# What is difference between Socket 1155 & 1156?



## 6Diablo9 (Dec 30, 2011)

I know that Socket 1155 the latest socket. Both support second generation icore processors. So why should one opt for the latest instead of older one? Is there any performance gain in it?

I was planning to buy AMD processor some time ago but decided to go with i5 2400. But I'm confused between these two sockets. 

Btw I believe in buying a totally new PC after 3-4 years of use instead of upgrading, so plz let me know, should I go 1155 or 1156.


----------



## Nexus (Dec 30, 2011)

1155--


Spoiler



This socket is targeted towards the mainstream PC users. You will find that it can play games, and will even perform well in rendering, video editing, etc. The performance gap between this socket and 1366 decreases exponentially if you are able to buy a K series 1155 socket processor and overclock it. This socket is the most powerful in terms of efficiency per core. However, the hexacore options for the Socket 1366 will overtake this socket any day when performing most tasks.

Pros-
Best price to performance ratio
Integrated graphics option (H Series Chipset)
Most efficient use of cores
New socket that will last for a while
Supports modern video cards and technologies (and will for some time)

Cons of the Socket 1155:
Motherboards are steadily increasing in price ever since the recall
Low Motherboard availability
Overwhelming amount of Chipset Options
No hexacore options
Less PCIe capabilities than the x58 (socket 1366)
Dual Channel Memory



1156-


Spoiler



It seems like not long ago that Intel just released Socket 1156 to the public. This socket was the prior mainstream socket. With the advent of Socket 1155 (Sandybridge), this socket is now being phased out. This will create lower prices for Socket 1156′s current offerings, but don’t expect any chances of upgrading the CPU on this socket it in the future. You will be at the end of the road.

Pros of Socket 1156
Good performance
Steadily decreasing in price
Good lineup of options

Cons of Socket 1156
Being phased out (already!)
Not many PCIe options
Dual Channel Memory



Opinion of the editor(place where I found this article, as I also faced same problem some time ago.)
Wait for socket 2011.


----------



## Sam777 (Dec 30, 2011)

6Diablo9 said:


> Both support second generation icore processors.
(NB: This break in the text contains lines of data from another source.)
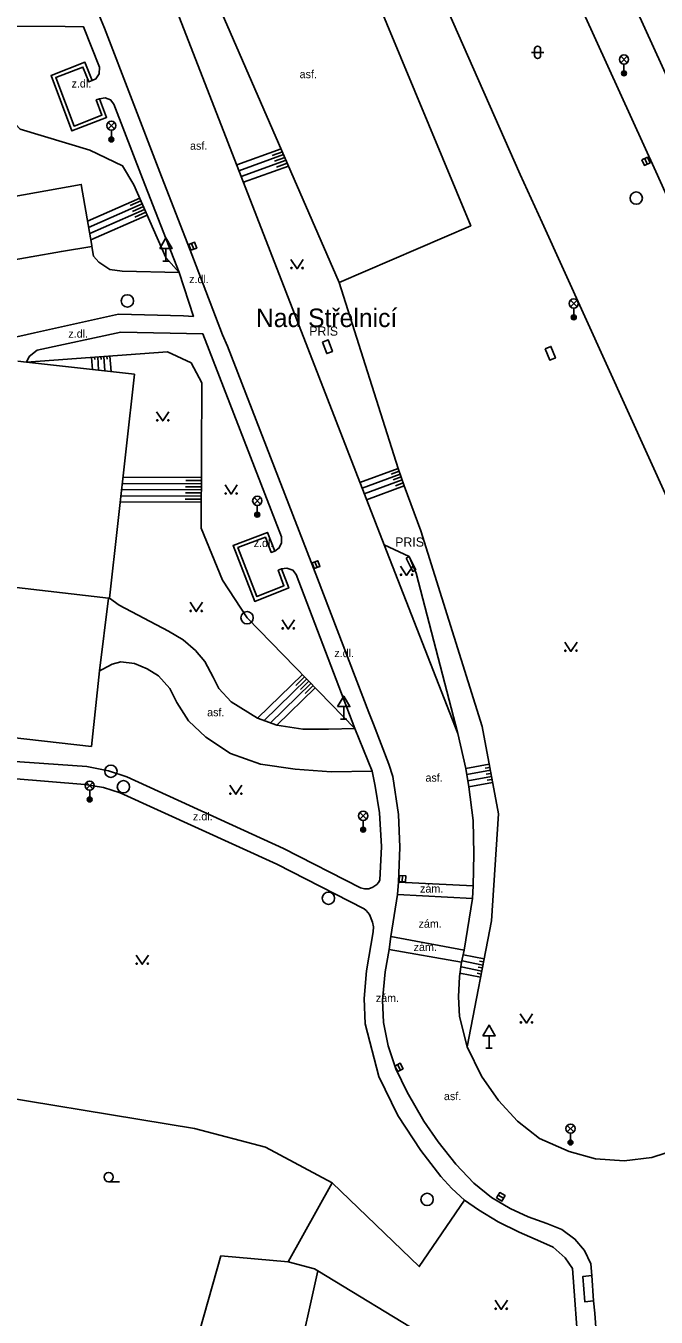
# Model space of a CAD drawing. Extents: x -598233 to -596890, y -1157848 to -1156431.
# Drawn here: x -597180.6 to -597129.4, y -1157373.5 to -1157268.7 of the extents above; entities that cross this region are included whole.
import ezdxf

# ---------------------------------------------------------------- set-up
doc = ezdxf.new("R2010")
doc.units = 0
for name, color, linetype in [('Level 10', 7, 'Continuous'), ('Level 11', 7, 'Continuous'), ('Level 14', 7, 'Continuous'), ('Level 15', 7, 'Continuous'), ('Level 24', 7, 'Continuous'), ('Level 27', 7, 'Continuous'), ('Level 33', 7, 'Continuous'), ('Level 34', 7, 'Continuous'), ('Level 36', 7, 'Continuous'), ('Level 40', 7, 'Continuous'), ('Level 41', 7, 'Continuous'), ('Level 49', 7, 'Continuous'), ('Level 5', 7, 'Continuous'), ('Level 7', 7, 'Continuous'), ('Level 8', 7, 'Continuous')]:
    doc.layers.add(name, color=color, linetype=linetype)

msp = doc.modelspace()

# ---------------------------------------------------------------- linework, layer by layer
at = {"layer": 'Level 10'}
for points in [[(-597149.69, -1157259.76), (-597140.43, -1157280.76)], [(-597151.48, -1157310.84), (-597158.39, -1157293.05), (-597164.17, -1157278.14), (-597171.13, -1157260.23)], [(-597150.78, -1157329.63), (-597151.09, -1157328.63), (-597152.34, -1157325.39), (-597152.71, -1157324.44), (-597156.89, -1157313.56), (-597164.2, -1157294.7), (-597164.59, -1157293.77), (-597166.75, -1157288.18), (-597167.1, -1157287.25), (-597169.68, -1157280.58), (-597174.19, -1157268.87), (-597174.45, -1157268.22), (-597174.56, -1157267.95), (-597176.4, -1157263.28), (-597176.78, -1157262.37)], [(-597136.23, -1157265.52), (-597129.42, -1157280.52), (-597122.2, -1157296.45), (-597108.92, -1157325.79)], [(-597140.43, -1157280.76), (-597138.65, -1157284.67), (-597121.46, -1157322.53), (-597113.09, -1157341.28)], [(-597145.49, -1157326.15), (-597151.48, -1157310.84)], [(-597145.49, -1157326.15), (-597144.85, -1157329), (-597144.6, -1157330.48), (-597144.26, -1157333.2199), (-597144.19, -1157335.96), (-597144.24, -1157338.53)], [(-597150.3, -1157338.2199), (-597150.19, -1157335.39), (-597150.31, -1157332.73), (-597150.78, -1157329.63)], [(-597150.4, -1157339.2199), (-597150.3, -1157338.2199)], [(-597150.92, -1157342.63), (-597150.4, -1157339.2199)], [(-597144.24, -1157338.53), (-597144.31, -1157339.55)], [(-597144.9699, -1157343.74), (-597144.31, -1157339.55)], [(-597151.08, -1157343.69), (-597150.92, -1157342.63)], [(-597151.4, -1157345.51), (-597151.08, -1157343.69)], [(-597145.37, -1157345.89), (-597145.2, -1157344.73)], [(-597145.2, -1157344.73), (-597144.9699, -1157343.74)], [(-597134.69, -1157369.21), (-597135.2, -1157368.14), (-597135.99, -1157367.2), (-597137.04, -1157366.42), (-597138.27, -1157365.93), (-597139.79, -1157365.39), (-597141.25, -1157364.7199), (-597142.77, -1157363.83), (-597144.19, -1157362.65), (-597145.6599, -1157361.12), (-597147.1, -1157359.3), (-597148.25, -1157357.63), (-597149.61, -1157355.28), (-597150.54, -1157353.37), (-597151.14, -1157351.51), (-597151.53, -1157349.62), (-597151.61, -1157347.8), (-597151.4, -1157345.51)], [(-597145.37, -1157345.89), (-597145.45, -1157347.54), (-597145.35, -1157349.12), (-597144.74, -1157351.58)], [(-597144.74, -1157351.58), (-597143.56, -1157353.98), (-597142.2, -1157355.96), (-597140.65, -1157357.63), (-597138.86, -1157359.03), (-597136.45, -1157360.08), (-597134.32, -1157360.7), (-597131.99, -1157360.85), (-597129.75, -1157360.58), (-597126.32, -1157359.4699)], [(-597134.6, -1157370.1599), (-597134.69, -1157369.21)], [(-597134.4699, -1157372.23), (-597134.6, -1157370.1599)], [(-597134.11, -1157376.7), (-597134.37, -1157373.2199), (-597134.4699, -1157372.23)]]:
    msp.add_lwpolyline(points, dxfattribs=at)
at = {"layer": 'Level 11'}
for points in [[(-597164.39, -1157253.98), (-597166.9, -1157262.46), (-597155.12, -1157289.53)], [(-597133.95, -1157260.84), (-597125.94, -1157278.43)], [(-597155.12, -1157289.53), (-597144.44, -1157284.92), (-597153.52, -1157263.03)], [(-597174.6, -1157272.05), (-597175.9, -1157268.77), (-597177.39, -1157268.75), (-597188.37, -1157268.73)], [(-597174.6, -1157272.05), (-597174.61, -1157272.6), (-597174.88, -1157272.99), (-597175.19, -1157273.14)], [(-597174.58, -1157274.61), (-597174.13, -1157274.53), (-597173.69, -1157274.7), (-597173.43, -1157275.06)], [(-597168.12, -1157288.71), (-597171.1, -1157281.09), (-597173.43, -1157275.06)], [(-597175.2199, -1157286.54), (-597176.08, -1157281.57), (-597189.86, -1157284.03), (-597189.1, -1157288.3)], [(-597175.21, -1157286.62), (-597177.68, -1157287.01), (-597180.15, -1157287.44), (-597182.61, -1157287.89), (-597185.9, -1157288.46), (-597189.61, -1157289.02)], [(-597175.21, -1157286.62), (-597175.2199, -1157286.54)], [(-597175.07, -1157287.38), (-597175.21, -1157286.62)], [(-597172.75, -1157288.62), (-597173.76, -1157288.4699), (-597174.65, -1157287.89), (-597175.07, -1157287.38)], [(-597168.12, -1157288.71), (-597166.96, -1157292.29), (-597167.78, -1157292.25), (-597173.04, -1157292.11), (-597179.88, -1157293.61)], [(-597168.12, -1157288.71), (-597172.75, -1157288.62)], [(-597179.88, -1157293.61), (-597181.9, -1157294.07), (-597183.63, -1157294.14)], [(-597159.82, -1157310.19), (-597166.21, -1157293.69), (-597172.87, -1157293.57), (-597179.65, -1157295.03)], [(-597179.65, -1157295.03), (-597180.29, -1157295.55), (-597180.53, -1157296)], [(-597159.82, -1157310.19), (-597159.8, -1157310.68), (-597160, -1157311.08), (-597160.36, -1157311.34)], [(-597159.8, -1157312.79), (-597159.37, -1157312.7199), (-597158.89, -1157312.89), (-597158.63, -1157313.23)], [(-597153.87, -1157325.74), (-597158.63, -1157313.23)], [(-597173, -1157315.7199), (-597173.78, -1157315.1599)], [(-597173, -1157315.7199), (-597168.99, -1157317.83), (-597167.79, -1157318.54), (-597166.8, -1157319.4), (-597166.05, -1157320.31), (-597165.36, -1157321.58), (-597164.9, -1157322.5), (-597163.9, -1157323.59), (-597161.75, -1157324.9), (-597160.19, -1157325.4699), (-597158.08, -1157325.81), (-597156, -1157325.81)], [(-597152.45, -1157329.2), (-597155.79, -1157329.27), (-597158.7, -1157329.05), (-597161.52, -1157328.64), (-597163.95, -1157327.77), (-597165.96, -1157326.45), (-597167.37, -1157325.13), (-597168.32, -1157323.64), (-597168.89, -1157322.5), (-597169.8, -1157321.48), (-597170.71, -1157320.89), (-597171.76, -1157320.4699), (-597172.87, -1157320.32), (-597173.56, -1157320.52), (-597174.31, -1157320.94)], [(-597174.6, -1157321.06), (-597174.31, -1157320.94)], [(-597156, -1157325.81), (-597153.87, -1157325.74)], [(-597152.45, -1157329.2), (-597153.87, -1157325.74)], [(-597175.62, -1157328.82), (-597184.58, -1157328.2)], [(-597172.38, -1157329.68), (-597173.86, -1157329.17), (-597175.62, -1157328.82)], [(-597175.77, -1157330.29), (-597184.6599, -1157329.57)], [(-597172.38, -1157329.68), (-597159.64, -1157335.48), (-597153.4099, -1157338.67)], [(-597151.84, -1157338.07), (-597151.7, -1157335.32), (-597151.86, -1157332.58), (-597152.21, -1157330.42), (-597152.45, -1157329.2)], [(-597172.92, -1157330.98), (-597174.28, -1157330.53), (-597175.77, -1157330.29)], [(-597153.1, -1157340.38), (-597160.2, -1157336.75), (-597172.92, -1157330.98)], [(-597153.41, -1157338.67), (-597153.07, -1157338.76), (-597152.72, -1157338.75), (-597152.39, -1157338.64), (-597152.07, -1157338.4), (-597151.93, -1157338.24), (-597151.84, -1157338.07)], [(-597150.3, -1157338.2199), (-597144.24, -1157338.53)], [(-597150.4, -1157339.2199), (-597144.31, -1157339.55)], [(-597153.1, -1157340.38), (-597152.94, -1157340.53), (-597152.67, -1157340.86), (-597152.41, -1157341.46), (-597152.35, -1157341.86), (-597152.37, -1157342.26)], [(-597152.9, -1157345.4099), (-597152.37, -1157342.26)], [(-597150.92, -1157342.63), (-597144.9699, -1157343.74)], [(-597151.08, -1157343.69), (-597145.2, -1157344.73)], [(-597144.95, -1157364.05), (-597145.9699, -1157363.09), (-597146.86, -1157362.12), (-597148.5, -1157360.02), (-597150.37, -1157357.1599), (-597151.9099, -1157354), (-597153.02, -1157349.73), (-597153.11, -1157347.6599), (-597152.9, -1157345.4099)], [(-597136.18, -1157369.6), (-597136.78, -1157368.73), (-597137.76, -1157367.87), (-597138.79, -1157367.39), (-597140.52, -1157366.65), (-597142.21, -1157365.79), (-597143.81, -1157364.83), (-597144.95, -1157364.05)], [(-597135.6599, -1157376.57), (-597136.18, -1157369.6)], [(-597134.6, -1157370.1599), (-597135.34, -1157370.24), (-597135.19, -1157372.29), (-597134.4699, -1157372.23)]]:
    msp.add_lwpolyline(points, dxfattribs=at)
at = {"layer": 'Level 14'}
for points in [[(-597168.12, -1157288.71), (-597169.21, -1157287.5), (-597171.8, -1157281.61), (-597172.7199, -1157280.07), (-597175.39, -1157278.79), (-597181.04, -1157277.07), (-597182.86, -1157275.1599), (-597184.68, -1157272.68), (-597185.54, -1157270.04), (-597188.37, -1157268.73)], [(-597144.74, -1157351.58), (-597142.76, -1157341.37), (-597142.2, -1157332.68), (-597143.51, -1157325.58), (-597148.51, -1157309.7), (-597149.84, -1157306.03), (-597150.35, -1157304.62), (-597155.12, -1157289.53)], [(-597180.53, -1157296), (-597169.06, -1157295.15), (-597167.15, -1157296.05), (-597166.28, -1157297.68), (-597166.33, -1157309.4699), (-597164.6, -1157313.71), (-597162.61, -1157316.75), (-597153.87, -1157325.74)], [(-597151.48, -1157310.84), (-597149.45, -1157311.77), (-597148.88, -1157313.13)], [(-597148.88, -1157313.13), (-597145.49, -1157326.15)]]:
    msp.add_lwpolyline(points, dxfattribs=at)
at = {"layer": 'Level 15'}
for points in [[(-597159.84, -1157278.69), (-597163.45, -1157279.99)], [(-597159.64, -1157279.15), (-597163.27, -1157280.46)], [(-597159.44, -1157279.61), (-597163.09, -1157280.92)], [(-597159.74, -1157278.93), (-597160.56, -1157279.2199)], [(-597159.54, -1157279.39), (-597160.39, -1157279.69)], [(-597159.24, -1157280.08), (-597162.9099, -1157281.39)], [(-597159.34, -1157279.85), (-597160.2199, -1157280.1599)], [(-597171.33, -1157282.69), (-597175.56, -1157284.55)], [(-597171.13, -1157283.14), (-597175.48, -1157285.06)], [(-597170.93, -1157283.6), (-597175.39, -1157285.56)], [(-597171.23, -1157282.9099), (-597172.09, -1157283.29)], [(-597171.03, -1157283.37), (-597171.9099, -1157283.76)], [(-597170.82, -1157283.83), (-597171.73, -1157284.23)], [(-597170.7199, -1157284.06), (-597175.3, -1157286.07)], [(-597175.23, -1157295.61), (-597175.1599, -1157296.59)], [(-597174.99, -1157295.59), (-597174.9699, -1157295.79)], [(-597174.74, -1157295.57), (-597174.6599, -1157296.65)], [(-597174.49, -1157295.55), (-597174.4699, -1157295.77)], [(-597174.24, -1157295.53), (-597174.15, -1157296.7)], [(-597173.99, -1157295.51), (-597173.9699, -1157295.76)], [(-597173.74, -1157295.5), (-597173.65, -1157296.76)], [(-597150.35, -1157304.62), (-597153.45, -1157305.77)], [(-597150.26, -1157304.85), (-597150.9099, -1157305.09)], [(-597166.31, -1157305.87), (-597172.74, -1157305.84)], [(-597166.31, -1157305.37), (-597172.68, -1157305.34)], [(-597166.31, -1157305.62), (-597167.59, -1157305.62)], [(-597150.18, -1157305.09), (-597153.27, -1157306.23)], [(-597150.01, -1157305.56), (-597153.09, -1157306.7)], [(-597150.09, -1157305.32), (-597150.74, -1157305.56)], [(-597149.92, -1157305.79), (-597150.56, -1157306.03)], [(-597166.32, -1157306.87), (-597172.85, -1157306.84)], [(-597166.32, -1157306.37), (-597172.79, -1157306.34)], [(-597166.32, -1157306.62), (-597167.62, -1157306.62)], [(-597166.32, -1157306.12), (-597167.61, -1157306.12)], [(-597149.84, -1157306.03), (-597152.9099, -1157307.17)], [(-597166.32, -1157307.37), (-597172.9, -1157307.34)], [(-597166.32, -1157307.12), (-597167.63, -1157307.12)], [(-597158.12, -1157321.37), (-597161.75, -1157324.9)], [(-597157.95, -1157321.55), (-597158.6599, -1157322.24)], [(-597157.77, -1157321.73), (-597161.25, -1157325.11)], [(-597157.42, -1157322.08), (-597160.73, -1157325.3)], [(-597157.07, -1157322.44), (-597160.19, -1157325.4699)], [(-597157.6, -1157321.9099), (-597158.28, -1157322.57)], [(-597157.25, -1157322.26), (-597157.89, -1157322.89)], [(-597142.94, -1157328.65), (-597144.85, -1157329)], [(-597142.9, -1157328.9), (-597143.28, -1157328.9699)], [(-597142.85, -1157329.14), (-597144.76, -1157329.49)], [(-597142.76, -1157329.63), (-597144.68, -1157329.99)], [(-597142.81, -1157329.39), (-597143.19, -1157329.46)], [(-597142.7199, -1157329.88), (-597143.1, -1157329.95)], [(-597142.67, -1157330.13), (-597144.6, -1157330.48)], [(-597143.45, -1157344.95), (-597145.13, -1157344.62)], [(-597143.36, -1157344.46), (-597145.04, -1157344.13)], [(-597143.4099, -1157344.7), (-597143.74, -1157344.64)], [(-597143.64, -1157345.93), (-597145.32, -1157345.6)], [(-597143.55, -1157345.44), (-597145.23, -1157345.11)], [(-597143.6, -1157345.68), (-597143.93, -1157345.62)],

Only socket 1155 support second generation icore processors.socket 1156 support first generation icore processors.


----------



## 6Diablo9 (Dec 30, 2011)

Sam777 said:


> Only socket 1155 support second generation icore processors.socket 1156 support first generation icore processors.



Then how is this motherboard a Socket 1156 one and still supports Second generation processors.
ASUS P7H55-M LX Motherboard for Intel 2nd GEN i7/i5/i3 CPU 3 YR Warranty | eBay


----------



## Tenida (Dec 31, 2011)

6Diablo9 said:


> Then how is this motherboard a Socket 1156 one and still supports Second generation processors.
> ASUS P7H55-M LX Motherboard for Intel 2nd GEN i7/i5/i3 CPU 3 YR Warranty | eBay



That ad title is wrong.Kindly check the specification section it's  clearly written that motherboard supports Intel's Lynnfield and clarkdale based processor in LGA 1156 package.


----------



## 6Diablo9 (Dec 31, 2011)

^^ Damn those guys, and I was considering buying that motherboard.

Also damn Intel for changing their socket type over just the next generation processors.


----------



## Cilus (Dec 31, 2011)

If you're buying a socket 1155 based motherboard, they will be based on the following chipset:-

Intel H61->Cheapest one with only USB 2.0 and SATA 2 3Gbps without overcloking. Onboard Display
Intel H67 -> Midrange Value: USB 3.0 and SATA III 6 Gbps but without overclocking, Onboard Display
Intel P67-> High-end, supports overclocking but no on-board display
Intel Z68-> Most advanced, support all the features mentioned above + onboard DIsplay


----------